US v. Smith, No. 06-2247. When the defendant sought to buy a gun, he falsely stated on an ATF Form 4473 that he had never been committed to a mental hospital (or “funny farm” as people say in polite society). After a conditional guilty plea he argued that the records that the government sought to use to show that he had been involuntarily committed to an asylum were protected from disclosure and the District court should have suppressed because Me. Rev. Stat. Ann. tit. 34-B, § 1207(1) reads “...all orders of commitment, medical and administrative records, application and reports, and facts contained in them ‘as confidential records’” and a state cop reviewed the computer records that “document[ed]the Bangor Police Department's transport of Smith to Acadia Hospital.” Since the police department that did the transporting, unlike the loony bin is not covered by the statutory definition, the cop did nothing wrong.
Read on. For Santa.
He also made a Public Health Service Act argument under 42 U.S.C. § 290dd-2 and 42 C.F.R. § 2.11. The First says that 42 C.F.R. § 2.65(d) provides some kind of balancing test which allows mental applicable records to be used in a criminal investigation or prosecution. Even though the use of a “Blue Paper” was authorized by a magistrate, none of the findings required by the regulation were made. The First figures this way because when the Magistrate was reviewing the request under HIPAA, “neither the government nor the magistrate judge granting the order had any reason to believe, at the time, that the blue paper referenced a drug abuse diagnosis and thus arguably included drug abuse information under 42 U.S.C. § 290dd-2." So, rather than determining whether the Blue Paper (and its various components) are record, the First looks at the “judicial endorsement” part of it, and concludes that the “judicial endorsement” part turns the “blue paper” into a judicial (rather than medical) record which isn’t afforded any protection under the health care statues.
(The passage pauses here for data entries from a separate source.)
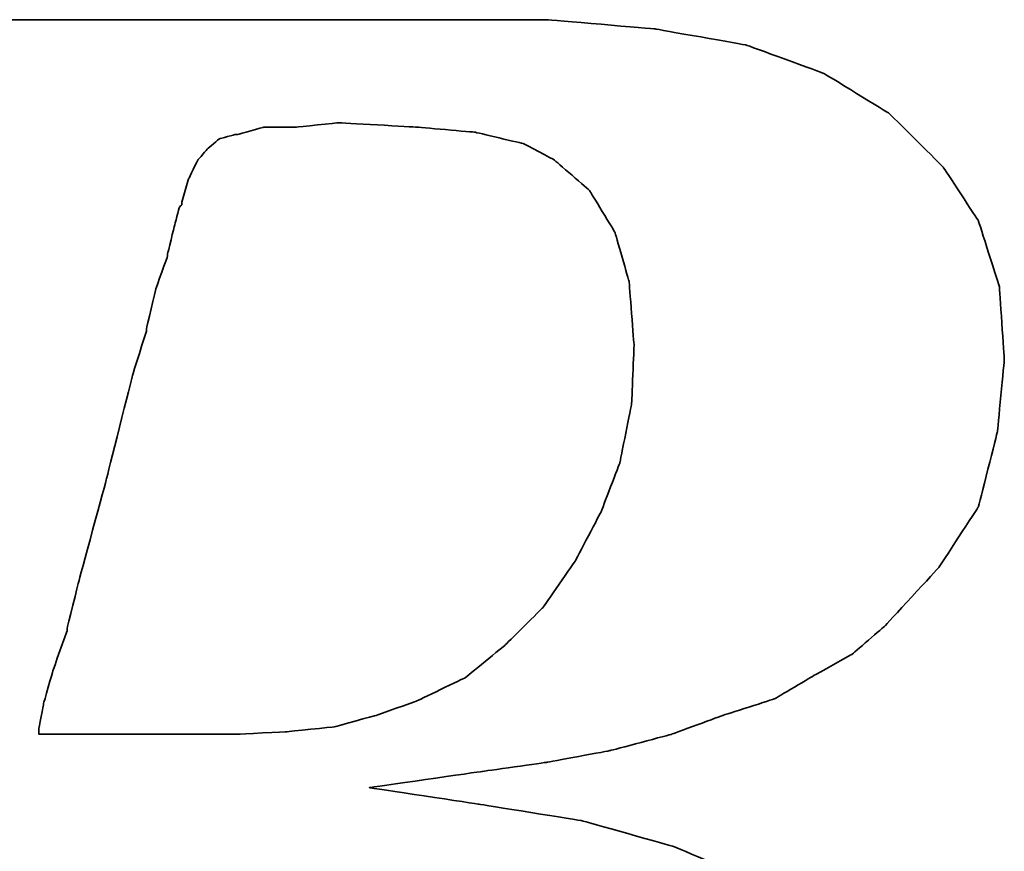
# Model space of a CAD drawing. Header units: millimetres. Extents: x 32 to 866, y -77 to 199.
# Tile 31 of 53: x 700.94 to 703.7, y -4.02 to -1.69. Entities that reach past the tile are written whole.
import ezdxf

# ---------------------------------------------------------------- set-up
doc = ezdxf.new("R2010")
doc.units = ezdxf.units.MM
doc.header["$LTSCALE"] = 0.15
doc.layers.add('DIM', color=4, linetype='CONTINUOUS')
doc.layers.add('layer 1', color=7, linetype='CONTINUOUS')

# ---------------------------------------------------------------- blocks, each defined once
blk = doc.blocks.new('TBI MOTION logo(完整正式版)')
at = {"layer": 'layer 1', "color": 22, "lineweight": 35}
for points, knots in [([(-64.65375, -6.86375), (-64.65375, -6.86375), (-64.84375, -7.29625), (-64.84375, -7.29625), (-64.84375, -7.29625), (-64.84375, -7.29625), (-64.86875, -7.34375), (-64.86875, -7.34375), (-64.86875, -7.34375), (-64.86875, -7.34375), (-64.86875, -7.36875), (-64.86875, -7.36875), (-64.86875, -7.36875), (-64.86875, -7.36875), (-65.15375, -7.65375), (-65.15375, -7.65375), (-65.15375, -7.65375), (-65.15375, -7.65375), (-65.17875, -7.65375), (-65.17875, -7.65375), (-65.17875, -7.65375), (-65.17875, -7.65375), (-65.20375, -7.67875), (-65.20375, -7.67875), (-65.20375, -7.67875), (-65.20375, -7.67875), (-65.58875, -7.87125), (-65.58875, -7.87125), (-65.58875, -7.87125), (-65.58875, -7.87125), (-65.63375, -7.87125), (-65.63375, -7.87125), (-65.63375, -7.87125), (-65.63375, -7.87125), (-65.65875, -7.89375), (-65.65875, -7.89375), (-65.65875, -7.89375), (-65.65875, -7.89375), (-66.09375, -7.94375), (-66.09375, -7.94375), (-66.09375, -7.94375), (-66.09375, -7.94375), (-66.11375, -7.94375), (-66.11375, -7.94375), (-66.11375, -7.94375), (-66.11375, -7.94375), (-66.16375, -7.94375), (-66.16375, -7.94375), (-66.16375, -7.94375), (-66.16375, -7.94375), (-66.30875, -7.94375), (-66.30875, -7.94375), (-66.30875, -7.94375), (-66.30875, -7.94375), (-66.69375, -7.94375), (-66.69375, -7.94375), (-66.69375, -7.94375), (-66.69375, -7.94375), (-67.07375, -7.94375), (-67.07375, -7.94375), (-67.07375, -7.94375), (-67.07375, -7.94375), (-67.12375, -7.94375), (-67.12375, -7.94375), (-67.12375, -7.94375), (-67.12375, -7.94375), (-67.12375, -7.96625), (-67.12375, -7.96625), (-67.12375, -7.96625), (-67.12375, -7.96625), (-67.14875, -7.99125), (-67.14875, -7.99125), (-67.14875, -7.99125), (-67.14875, -7.99125), (-67.24375, -8.34875), (-67.24375, -8.34875), (-67.24375, -8.34875), (-67.24375, -8.34875), (-67.31375, -8.68625), (-67.31375, -8.68625), (-67.31375, -8.68625), (-67.31375, -8.68625), (-67.26875, -8.68625), (-67.26875, -8.68625), (-67.26875, -8.68625), (-67.26875, -8.68625), (-67.07375, -8.68625), (-67.07375, -8.68625), (-67.07375, -8.68625), (-67.07375, -8.68625), (-66.54875, -8.68625), (-66.54875, -8.68625), (-66.54875, -8.68625), (-66.54875, -8.68625), (-65.82625, -8.68625), (-65.82625, -8.68625), (-65.82625, -8.68625), (-65.82625, -8.68625), (-65.01375, -8.68625), (-65.01375, -8.68625), (-65.01375, -8.68625), (-65.01375, -8.68625), (-64.05375, -8.68625), (-64.05375, -8.68625), (-64.05375, -8.68625), (-64.05375, -8.68625), (-62.08375, -8.68625), (-62.08375, -8.68625), (-62.08375, -8.68625), (-62.08375, -8.68625), (-60.06875, -8.68625), (-60.06875, -8.68625), (-60.06875, -8.68625), (-60.06875, -8.68625), (-59.10875, -8.68625), (-59.10875, -8.68625), (-59.10875, -8.68625), (-59.10875, -8.68625), (-58.29375, -8.68625), (-58.29375, -8.68625), (-58.29375, -8.68625), (-58.29375, -8.68625), (-57.57375, -8.68625), (-57.57375, -8.68625), (-57.57375, -8.68625), (-57.57375, -8.68625), (-57.04875, -8.68625), (-57.04875, -8.68625), (-57.04875, -8.68625), (-57.04875, -8.68625), (-56.85375, -8.68625), (-56.85375, -8.68625), (-56.85375, -8.68625), (-56.85375, -8.68625), (-56.70875, -8.68625), (-56.70875, -8.68625), (-56.70875, -8.68625), (-56.70875, -8.68625), (-56.61375, -8.68625), (-56.61375, -8.68625), (-56.61375, -8.68625), (-56.61375, -8.68625), (-56.56875, -8.68625), (-56.56875, -8.68625), (-56.56875, -8.68625), (-56.56875, -8.68625), (-55.65375, -8.63875), (-55.65375, -8.63875), (-55.65375, -8.63875), (-55.65375, -8.63875), (-54.76875, -8.51875), (-54.76875, -8.51875), (-54.76875, -8.51875), (-54.76875, -8.51875), (-53.90375, -8.30375), (-53.90375, -8.30375), (-53.90375, -8.30375), (-53.90375, -8.30375), (-53.08875, -8.03875), (-53.08875, -8.03875), (-53.08875, -8.03875), (-53.08875, -8.03875), (-52.34375, -7.65375), (-52.34375, -7.65375), (-52.34375, -7.65375), (-52.34375, -7.65375), (-51.69875, -7.29625), (-51.69875, -7.29625), (-51.69875, -7.29625), (-51.69875, -7.29625), (-51.21875, -6.91125), (-51.21875, -6.91125), (-51.21875, -6.91125), (-51.21875, -6.91125), (-50.83375, -6.50375), (-50.83375, -6.50375), (-50.83375, -6.50375), (-50.83375, -6.50375), (-50.44875, -5.94875), (-50.44875, -5.94875), (-50.44875, -5.94875), (-50.44875, -5.94875), (-50.13875, -5.30375), (-50.13875, -5.30375), (-50.13875, -5.30375), (-50.13875, -5.30375), (-49.99375, -4.65375), (-49.99375, -4.65375), (-49.99375, -4.65375), (-49.99375, -4.65375), (-49.92375, -3.98375), (-49.92375, -3.98375), (-49.92375, -3.98375), (-49.92375, -3.98375), (-49.99375, -3.19374), (-49.99375, -3.19374), (-49.99375, -3.19374), (-49.99375, -3.19374), (-50.23374, -2.44874), (-50.23374, -2.44874), (-50.23374, -2.44874), (-50.23374, -2.44874), (-50.59375, -1.87374), (-50.59375, -1.87374), (-50.59375, -1.87374), (-50.59375, -1.87374), (-51.09875, -1.31874), (-51.09875, -1.31874), (-51.09875, -1.31874), (-51.09875, -1.31874), (-51.74375, -0.81875), (-51.74375, -0.81875), (-51.74375, -0.81875), (-51.74375, -0.81875), (-52.53875, -0.48125), (-52.53875, -0.48125), (-52.53875, -0.48125), (-52.53875, -0.48125), (-53.47375, -0.21875), (-53.47375, -0.21875), (-53.47375, -0.21875), (-53.47375, -0.21875), (-54.52875, -0.04874), (-54.52875, -0.04874), (-54.52875, -0.04874), (-54.52875, -0.04874), (-55.65375, 0.12125), (-55.65375, 0.12125), (-55.65375, 0.12125), (-55.65375, 0.12125), (-54.50375, 0.28624), (-54.50375, 0.28624), (-54.50375, 0.28624), (-54.50375, 0.28624), (-53.83375, 0.38124), (-53.83375, 0.38124), (-53.83375, 0.38124), (-53.83375, 0.38124), (-53.18375, 0.50125), (-53.18375, 0.50125), (-53.18375, 0.50125), (-53.18375, 0.50125), (-52.55875, 0.66874), (-52.55875, 0.66874), (-52.55875, 0.66874), (-52.55875, 0.66874), (-52.03375, 0.86124), (-52.03375, 0.86124), (-52.03375, 0.86124), (-52.03375, 0.86124), (-51.50374, 1.03124), (-51.50374, 1.03124), (-51.50374, 1.03124), (-51.50374, 1.03124), (-51.09875, 1.27125), (-51.09875, 1.27125), (-51.09875, 1.27125), (-51.09875, 1.27125), (-50.71375, 1.48624), (-50.71375, 1.48624), (-50.71375, 1.48624), (-50.71375, 1.48624), (-50.37625, 1.77625), (-50.37625, 1.77625), (-50.37625, 1.77625), (-50.37625, 1.77625), (-49.82375, 2.37625), (-49.82375, 2.37625), (-49.82375, 2.37625), (-49.82375, 2.37625), (-49.41875, 2.99625), (-49.41875, 2.99625), (-49.41875, 2.99625), (-49.41875, 2.99625), (-49.22375, 3.76625), (-49.22375, 3.76625), (-49.22375, 3.76625), (-49.22375, 3.76625), (-49.15375, 4.50874), (-49.15375, 4.50874), (-49.15375, 4.50874), (-49.15375, 4.50874), (-49.20375, 5.25125), (-49.20375, 5.25125), (-49.20375, 5.25125), (-49.20375, 5.25125), (-49.41875, 5.92625), (-49.41875, 5.92625), (-49.41875, 5.92625), (-49.41875, 5.92625), (-49.77875, 6.47625), (-49.77875, 6.47625), (-49.77875, 6.47625), (-49.77875, 6.47625), (-50.33125, 7.02624), (-50.33125, 7.02624), (-50.33125, 7.02624), (-50.33125, 7.02624), (-51.00125, 7.43625), (-51.00125, 7.43625), (-51.00125, 7.43625), (-51.00125, 7.43625), (-51.79375, 7.72625), (-51.79375, 7.72625), (-51.79375, 7.72625), (-51.79375, 7.72625), (-52.72875, 7.89124), (-52.72875, 7.89124), (-52.72875, 7.89124), (-52.72875, 7.89124), (-53.83375, 7.98625), (-53.83375, 7.98625), (-53.83375, 7.98625), (-53.83375, 7.98625), (-53.92875, 7.98625), (-53.92875, 7.98625), (-53.92875, 7.98625), (-53.92875, 7.98625), (-54.26375, 7.98625), (-54.26375, 7.98625), (-54.26375, 7.98625), (-54.26375, 7.98625), (-54.74375, 7.98625), (-54.74375, 7.98625), (-54.74375, 7.98625), (-54.74375, 7.98625), (-55.36875, 7.98625), (-55.36875, 7.98625), (-55.36875, 7.98625), (-55.36875, 7.98625), (-56.13375, 7.98625), (-56.13375, 7.98625), (-56.13375, 7.98625), (-56.13375, 7.98625), (-56.94875, 7.98625), (-56.94875, 7.98625), (-56.94875, 7.98625), (-56.94875, 7.98625), (-58.77625, 7.98625), (-58.77625, 7.98625), (-58.77625, 7.98625), (-58.77625, 7.98625), (-60.59875, 7.98625), (-60.59875, 7.98625), (-60.59875, 7.98625), (-60.59875, 7.98625), (-61.41375, 7.98625), (-61.41375, 7.98625), (-61.41375, 7.98625), (-61.41375, 7.98625), (-62.17875, 7.98625), (-62.17875, 7.98625), (-62.17875, 7.98625), (-62.17875, 7.98625), (-62.80375, 7.98625), (-62.80375, 7.98625), (-62.80375, 7.98625), (-62.80375, 7.98625), (-63.30625, 7.98625), (-63.30625, 7.98625), (-63.30625, 7.98625), (-63.30625, 7.98625), (-63.57375, 7.98625), (-63.57375, 7.98625), (-63.57375, 7.98625), (-63.57375, 7.98625), (-63.57375, 7.96375), (-63.57375, 7.96375), (-63.57375, 7.96375), (-63.57375, 7.96375), (-63.59875, 7.94125), (-63.59875, 7.94125), (-63.59875, 7.94125), (-63.59875, 7.94125), (-63.69375, 7.55625), (-63.69375, 7.55625), (-63.69375, 7.55625), (-63.69375, 7.55625), (-63.76375, 7.24624), (-63.76375, 7.24624), (-63.76375, 7.24624), (-63.76375, 7.24624), (-63.23875, 7.24624), (-63.23875, 7.24624), (-63.23875, 7.24624), (-63.23875, 7.24624), (-62.75875, 7.24624), (-62.75875, 7.24624), (-62.75875, 7.24624), (-62.75875, 7.24624), (-62.61125, 7.24624), (-62.61125, 7.24624), (-62.61125, 7.24624), (-62.61125, 7.24624), (-62.56625, 7.24624), (-62.56625, 7.24624), (-62.56625, 7.24624), (-62.56625, 7.24624), (-62.22875, 7.24624), (-62.22875, 7.24624), (-62.22875, 7.24624), (-62.22875, 7.24624), (-62.20375, 7.24624), (-62.20375, 7.24624), (-62.20375, 7.24624), (-62.20375, 7.24624), (-62.17875, 7.21875), (-62.17875, 7.21875), (-62.17875, 7.21875), (-62.17875, 7.21875), (-61.96375, 7.17125), (-61.96375, 7.17125), (-61.96375, 7.17125), (-61.96375, 7.17125), (-61.72375, 7.12624), (-61.72375, 7.12624), (-61.72375, 7.12624), (-61.72375, 7.12624), (-61.70375, 7.12624), (-61.70375, 7.12624), (-61.70375, 7.12624), (-61.70375, 7.12624), (-61.55875, 7.07624), (-61.55875, 7.07624), (-61.55875, 7.07624), (-61.55875, 7.07624), (-61.50875, 7.07624), (-61.50875, 7.07624), (-61.50875, 7.07624), (-61.50875, 7.07624), (-61.48375, 7.02624), (-61.48375, 7.02624), (-61.48375, 7.02624), (-61.48375, 7.02624), (-61.31875, 6.83375), (-61.31875, 6.83375), (-61.31875, 6.83375), (-61.31875, 6.83375), (-61.29375, 6.81125), (-61.29375, 6.81125), (-61.29375, 6.81125), (-61.29375, 6.81125), (-61.29375, 6.78625), (-61.29375, 6.78625), (-61.29375, 6.78625), (-61.29375, 6.78625), (-61.19875, 6.50124), (-61.19875, 6.50124), (-61.19875, 6.50124), (-61.19875, 6.50124), (-61.17375, 6.45124), (-61.17375, 6.45124), (-61.17375, 6.45124), (-61.17375, 6.45124), (-61.19875, 6.40625), (-61.19875, 6.40625), (-61.19875, 6.40625), (-61.19875, 6.40625), (-61.26875, 5.99624), (-61.26875, 5.99624), (-61.26875, 5.99624), (-61.26875, 5.99624), (-61.26875, 5.85125), (-61.26875, 5.85125), (-61.26875, 5.85125), (-61.26875, 5.85125), (-61.26875, 5.82625), (-61.26875, 5.82625), (-61.26875, 5.82625), (-61.26875, 5.82625), (-61.29375, 5.80625), (-61.29375, 5.80625), (-61.29375, 5.80625), (-61.29375, 5.80625), (-61.34125, 5.66125), (-61.34125, 5.66125), (-61.34125, 5.66125), (-61.34125, 5.66125), (-61.41375, 5.44625), (-61.41375, 5.44625), (-61.41375, 5.44625), (-61.41375, 5.44625), (-61.48375, 5.15625), (-61.48375, 5.15625), (-61.48375, 5.15625), (-61.48375, 5.15625), (-61.58375, 4.82124), (-61.58375, 4.82124), (-61.58375, 4.82124), (-61.58375, 4.82124), (-61.79875, 4.00375), (-61.79875, 4.00375), (-61.79875, 4.00375), (-61.79875, 4.00375), (-62.05875, 2.99625), (-62.05875, 2.99625), (-62.05875, 2.99625), (-62.05875, 2.99625), (-62.34875, 1.91625), (-62.34875, 1.91625), (-62.34875, 1.91625), (-62.34875, 1.91625), (-62.97375, -0.41124), (-62.97375, -0.41124), (-62.97375, -0.41124), (-62.97375, -0.41124), (-63.59875, -2.75875), (-63.59875, -2.75875), (-63.59875, -2.75875), (-63.59875, -2.75875), (-63.88375, -3.86374), (-63.88375, -3.86374), (-63.88375, -3.86374), (-63.88375, -3.86374), (-64.14875, -4.82374), (-64.14875, -4.82374), (-64.14875, -4.82374), (-64.14875, -4.82374), (-64.36375, -5.64125), (-64.36375, -5.64125), (-64.36375, -5.64125), (-64.36375, -5.64125), (-64.43625, -5.97625), (-64.43625, -5.97625), (-64.43625, -5.97625), (-64.43625, -5.97625), (-64.50875, -6.28625), (-64.50875, -6.28625), (-64.50875, -6.28625), (-64.50875, -6.28625), (-64.50875, -6.30875), (-64.50875, -6.30875), (-64.50875, -6.30875), (-64.50875, -6.30875), (-64.57875, -6.50375), (-64.57875, -6.50375), (-64.57875, -6.50375), (-64.57875, -6.50375), (-64.62875, -6.69625), (-64.62875, -6.69625), (-64.62875, -6.69625), (-64.62875, -6.69625), (-64.62875, -6.76875), (-64.62875, -6.76875), (-64.62875, -6.76875), (-64.62875, -6.76875), (-64.62875, -6.81375), (-64.62875, -6.81375), (-64.62875, -6.81375), (-64.62875, -6.81375), (-64.62875, -6.83875), (-64.62875, -6.83875), (-64.62875, -6.83875), (-64.62875, -6.83875), (-64.65375, -6.86375), (-64.65375, -6.86375)], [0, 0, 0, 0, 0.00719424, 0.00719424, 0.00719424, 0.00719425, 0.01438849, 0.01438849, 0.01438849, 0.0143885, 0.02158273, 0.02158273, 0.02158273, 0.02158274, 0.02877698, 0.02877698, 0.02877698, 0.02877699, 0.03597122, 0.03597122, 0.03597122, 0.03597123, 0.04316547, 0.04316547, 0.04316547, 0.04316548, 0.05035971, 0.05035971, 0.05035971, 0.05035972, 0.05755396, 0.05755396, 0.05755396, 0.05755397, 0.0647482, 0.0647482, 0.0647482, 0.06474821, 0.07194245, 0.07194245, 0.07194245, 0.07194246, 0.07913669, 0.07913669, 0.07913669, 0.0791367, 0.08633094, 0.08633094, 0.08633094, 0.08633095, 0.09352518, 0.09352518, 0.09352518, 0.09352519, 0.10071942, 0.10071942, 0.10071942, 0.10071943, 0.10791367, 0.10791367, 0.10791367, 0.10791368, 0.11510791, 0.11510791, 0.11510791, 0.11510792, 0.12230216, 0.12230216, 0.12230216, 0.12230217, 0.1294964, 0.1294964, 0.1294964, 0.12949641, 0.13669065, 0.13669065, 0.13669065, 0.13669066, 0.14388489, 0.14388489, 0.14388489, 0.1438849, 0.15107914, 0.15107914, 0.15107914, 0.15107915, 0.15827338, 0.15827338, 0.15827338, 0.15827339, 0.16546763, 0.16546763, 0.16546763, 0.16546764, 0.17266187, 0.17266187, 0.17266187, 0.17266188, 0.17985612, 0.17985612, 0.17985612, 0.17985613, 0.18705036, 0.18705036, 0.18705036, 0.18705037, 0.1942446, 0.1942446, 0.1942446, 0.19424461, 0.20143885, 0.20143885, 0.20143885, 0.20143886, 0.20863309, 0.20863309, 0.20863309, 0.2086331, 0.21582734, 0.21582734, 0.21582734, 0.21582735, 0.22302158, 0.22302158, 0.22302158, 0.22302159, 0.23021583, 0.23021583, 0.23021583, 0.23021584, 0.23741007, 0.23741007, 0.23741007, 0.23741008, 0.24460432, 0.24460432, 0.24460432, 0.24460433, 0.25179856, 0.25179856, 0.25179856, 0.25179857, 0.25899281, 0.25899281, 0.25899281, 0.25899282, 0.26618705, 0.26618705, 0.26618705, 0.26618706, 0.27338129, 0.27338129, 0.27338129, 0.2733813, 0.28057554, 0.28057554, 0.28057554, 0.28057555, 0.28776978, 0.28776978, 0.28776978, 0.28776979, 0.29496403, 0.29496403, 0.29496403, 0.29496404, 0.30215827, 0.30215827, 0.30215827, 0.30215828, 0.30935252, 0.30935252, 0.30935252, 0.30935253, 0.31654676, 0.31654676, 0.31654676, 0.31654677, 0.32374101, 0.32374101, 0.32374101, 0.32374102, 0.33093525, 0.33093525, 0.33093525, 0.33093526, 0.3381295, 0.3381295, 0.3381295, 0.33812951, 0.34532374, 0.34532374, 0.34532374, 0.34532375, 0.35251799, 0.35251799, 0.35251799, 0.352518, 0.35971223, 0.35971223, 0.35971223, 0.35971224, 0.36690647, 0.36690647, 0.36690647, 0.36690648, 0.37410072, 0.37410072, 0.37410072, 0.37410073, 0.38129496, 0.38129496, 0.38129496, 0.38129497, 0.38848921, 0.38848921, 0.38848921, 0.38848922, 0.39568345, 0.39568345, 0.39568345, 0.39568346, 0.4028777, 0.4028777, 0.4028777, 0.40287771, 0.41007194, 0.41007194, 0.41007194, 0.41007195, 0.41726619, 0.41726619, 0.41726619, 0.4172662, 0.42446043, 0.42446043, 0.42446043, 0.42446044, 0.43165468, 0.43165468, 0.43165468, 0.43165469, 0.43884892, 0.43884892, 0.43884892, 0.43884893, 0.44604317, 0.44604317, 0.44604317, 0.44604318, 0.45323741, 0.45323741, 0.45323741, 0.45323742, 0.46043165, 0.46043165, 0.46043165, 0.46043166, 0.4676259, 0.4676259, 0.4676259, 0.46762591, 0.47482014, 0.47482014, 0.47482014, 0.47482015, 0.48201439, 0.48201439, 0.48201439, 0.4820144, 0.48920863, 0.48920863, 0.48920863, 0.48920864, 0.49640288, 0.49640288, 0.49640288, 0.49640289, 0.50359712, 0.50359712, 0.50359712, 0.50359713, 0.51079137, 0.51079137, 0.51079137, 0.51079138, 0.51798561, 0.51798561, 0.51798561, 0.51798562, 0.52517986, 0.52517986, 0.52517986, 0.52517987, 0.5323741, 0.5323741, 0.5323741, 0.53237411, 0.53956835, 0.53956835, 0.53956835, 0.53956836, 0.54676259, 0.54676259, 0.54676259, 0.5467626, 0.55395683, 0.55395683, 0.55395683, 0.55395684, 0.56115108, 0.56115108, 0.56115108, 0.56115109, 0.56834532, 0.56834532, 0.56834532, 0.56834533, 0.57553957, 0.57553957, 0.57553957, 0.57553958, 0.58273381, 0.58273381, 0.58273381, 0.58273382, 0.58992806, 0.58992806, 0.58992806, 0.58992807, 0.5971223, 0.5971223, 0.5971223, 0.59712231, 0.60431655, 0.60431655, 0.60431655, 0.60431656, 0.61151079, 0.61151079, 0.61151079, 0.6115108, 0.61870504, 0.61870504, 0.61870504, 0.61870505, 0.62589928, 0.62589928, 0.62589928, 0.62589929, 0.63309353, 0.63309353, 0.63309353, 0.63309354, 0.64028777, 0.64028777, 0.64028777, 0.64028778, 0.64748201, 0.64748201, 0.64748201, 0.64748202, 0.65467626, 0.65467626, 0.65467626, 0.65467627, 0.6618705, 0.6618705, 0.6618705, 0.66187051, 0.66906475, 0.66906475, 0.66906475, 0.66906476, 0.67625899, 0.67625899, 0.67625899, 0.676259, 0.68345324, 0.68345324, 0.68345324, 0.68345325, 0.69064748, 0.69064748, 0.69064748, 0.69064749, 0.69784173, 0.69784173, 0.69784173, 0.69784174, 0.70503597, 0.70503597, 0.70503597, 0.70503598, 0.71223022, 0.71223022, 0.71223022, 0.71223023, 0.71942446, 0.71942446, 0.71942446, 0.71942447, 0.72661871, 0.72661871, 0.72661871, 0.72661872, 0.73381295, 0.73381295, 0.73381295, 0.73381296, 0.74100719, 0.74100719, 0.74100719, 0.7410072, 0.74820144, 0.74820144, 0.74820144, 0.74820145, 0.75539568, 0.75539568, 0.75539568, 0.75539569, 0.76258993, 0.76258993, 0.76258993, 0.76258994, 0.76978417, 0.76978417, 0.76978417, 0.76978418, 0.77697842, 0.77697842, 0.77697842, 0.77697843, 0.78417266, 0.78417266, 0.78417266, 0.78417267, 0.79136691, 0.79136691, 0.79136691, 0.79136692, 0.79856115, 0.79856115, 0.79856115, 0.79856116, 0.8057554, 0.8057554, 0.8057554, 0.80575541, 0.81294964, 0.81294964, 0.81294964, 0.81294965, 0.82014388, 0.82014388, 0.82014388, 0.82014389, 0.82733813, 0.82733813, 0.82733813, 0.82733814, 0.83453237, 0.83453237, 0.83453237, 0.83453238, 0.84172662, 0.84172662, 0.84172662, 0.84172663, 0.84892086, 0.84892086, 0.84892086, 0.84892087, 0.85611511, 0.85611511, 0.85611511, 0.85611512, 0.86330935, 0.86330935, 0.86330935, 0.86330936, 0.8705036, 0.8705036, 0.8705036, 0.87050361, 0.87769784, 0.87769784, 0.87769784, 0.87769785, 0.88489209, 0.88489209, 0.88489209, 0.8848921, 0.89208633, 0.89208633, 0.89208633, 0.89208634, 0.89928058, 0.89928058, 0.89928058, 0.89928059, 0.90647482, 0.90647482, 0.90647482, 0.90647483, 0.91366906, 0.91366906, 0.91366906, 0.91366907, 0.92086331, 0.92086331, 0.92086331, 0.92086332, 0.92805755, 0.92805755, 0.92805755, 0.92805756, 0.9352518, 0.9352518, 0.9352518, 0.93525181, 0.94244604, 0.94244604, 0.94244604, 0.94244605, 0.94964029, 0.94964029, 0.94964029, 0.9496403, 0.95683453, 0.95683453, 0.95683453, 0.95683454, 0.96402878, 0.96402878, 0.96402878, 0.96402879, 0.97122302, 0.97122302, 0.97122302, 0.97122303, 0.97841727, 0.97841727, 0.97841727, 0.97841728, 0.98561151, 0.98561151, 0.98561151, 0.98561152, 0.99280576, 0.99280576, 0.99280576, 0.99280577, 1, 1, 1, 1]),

The First justifies this by saying that the since the government isn’t introducing evidence of drug use or addiction at trial, none of the interests served by keeping people’s drug treatment secret are injured.
This is all pretty tortured logic, but does anyone really doubt that people that let themselves be involuntarily committed to a mental hospital are ever going to be able to live it down.
Finally, the defendant tries to withdraw his plea. Since this wasn’t preserved, on plain error review, the First says that the District Court judge did a good job of making sure the defendant knew what he was pleading to.